Commercial software, the kind of software the FTC most likely refers to when talking about “defective”, very rarely employs choosey optimisations anyway – after all, who wants his or her software to perform well only on a limited range of CPUs? As opposed to its CPUs, Intel has been and is a long way from a leading market position with its compilers; their application is mostly restricted to high performance computing. Apart from that, C/C++ is dominated by Microsoft VC under Windows and by GNU C/C++ under Linux.
Also, the aforementioned feature, which the Opteron was deprived of, a cache optimisation for badly organised data structures, only very rarely had any effect (basically just with the given example from the SPEC benchmark). With the c’t patch, however, performance minded developers were able to circumvent this restriction. In the end, there won’t be a lot of “defectiveness” to be found in the wild. And so, the FTC is out hunting with pretty big cannons and thus overshooting the mark a little. Still, Intel might think about splitting off its compiler development into a separate company, or at least handle it with a little more neutrality. Maybe then, some day, one will also find the flag /Bulldozer in Intel’s compilers.
And Something Else
Hewlett-Packard plans to update its highly available NonStop server family for its 35th anniversary – only for that, HP still has to use the ancient and extremely slow Itanium-9100 Montevale processors. Only sometime in the first half of 2010, after numerous delays, the next generation Itanium Tukwila – also called Godot – is supposed to finally make an appearance. Just in time for the NonStop anniversary, Red Hat has now announced that it’s abandoning the Itanium: RHEL 5 for Itanium will still be serviced for a few years, but the development of version 6 has been suspended owing to a lack of demand.

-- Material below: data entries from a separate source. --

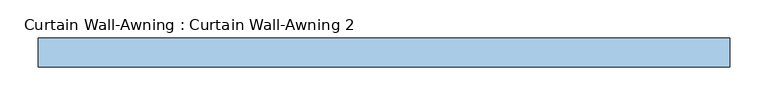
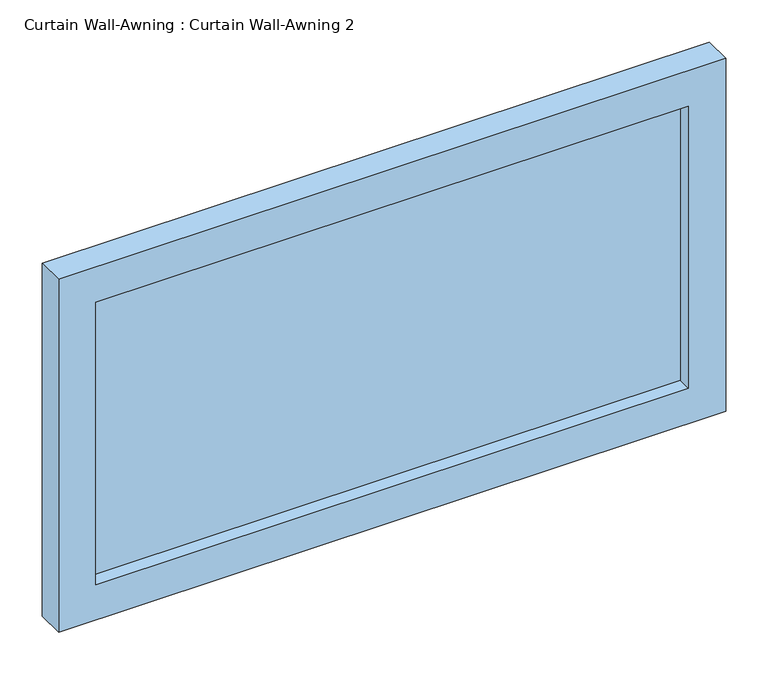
"""IFC4 building model written with IfcOpenShell, lengths in millimetres: window geometry, Curtain Wall-Awning : Curtain Wall-Awning 2."""

from ifc_helpers import new_model, si_unit, frame, origin, place, context, project, spatial, polyline, outline, extrude, source, transform, mapped, element, save


def curtain_wall_awning_curtain_wall_awning_2_6c4bd446(model_context):
    return source(origin(), model_context, "Body", "SweptSolid", [
        extrude(outline(polyline([(403.225, -19.05), (-403.225, -19.05), (-403.225, -6.35), (403.225, -6.35), (403.225, -19.05)])), frame((0.0, 0.0, 50.8), z_axis=(0.0, 0.0, 1.0), x_axis=(1.0, 0.0, 0.0)), (0.0, 0.0, 1.0), 406.2774401),
        extrude(outline(polyline([(507.8774401, -454.025), (0.0, -454.025), (0.0, 454.025), (507.8774401, 454.025), (507.8774401, -454.025)]), holes=[polyline([(457.0774401, -403.225), (457.0774401, 403.225), (50.8, 403.225), (50.8, -403.225), (457.0774401, -403.225)])]), frame((0.0, -38.1, 0.0), z_axis=(0.0, 1.0, 0.0), x_axis=(0.0, 0.0, 1.0)), (0.0, 0.0, 1.0), 38.1),
    ])


if __name__ == "__main__":
    model = new_model("IFC4")
    model_context = context("Model", 3, world=origin())
    ifc_project = project(units=[si_unit("LENGTHUNIT", "METRE", prefix="MILLI")], contexts=[model_context])
    site = spatial("IfcSite", under=ifc_project)
    building = spatial("IfcBuilding", under=site)
    placement = place(None, origin())
    curtain_wall_awning_curtain_wall_awning_2_shape = curtain_wall_awning_curtain_wall_awning_2_6c4bd446(model_context)
    element("IfcWindow", 1, ObjectType="Curtain Wall-Awning : Curtain Wall-Awning 2", at=placement, inside=building, context=model_context, shape_type="MappedRepresentation", body=[
        mapped(curtain_wall_awning_curtain_wall_awning_2_shape, transform((0.0, 0.0, 0.0), x_axis=(1.0, 0.0, 0.0), y_axis=(0.0, 1.0, 0.0), z_axis=(0.0, 0.0, 1.0))),
    ])
    save(model, "model.ifc")

Intel is stating that the mentioned white paper "Detecting Multi-Core Processor Topology in an IA-32 Platform" was first published early in 2006 and is obsolete since the summer of 2008 when it was superseded by a new paper "Intel® 64 Architecture Processor Topology Enumeration". This was made necessary because the Nehalem design did require a small change in the CPUID instruction architecture in terms of how it reports raw data related to multi-core topology enumerations.
Comment from the author
Since this Processor Whispers was published, Intel has removed the old paper from the website and linked to the new one, but the issue at hand was not the publishing date but the fact that recently developed software, that is, written since August 2008 that relied on the then current algorithms will fail to correctly detect the CPU topology of some modern architectures. There's no apparent reason why Intel has chosen this incompatible path, but even software being developed now may suffer when they use older Intel Compilers with OpenMP and KMP_AFFINITY_MASK settings. It is true that the impact is only a possible performance degradation and, at least for now, is limited to the Nehalem dual core processors Clarksdale and Arrandale, where OpenMP software is rarely run, but we will have to see how the six core per chip Westmere-EP and Gulftown processors will behave.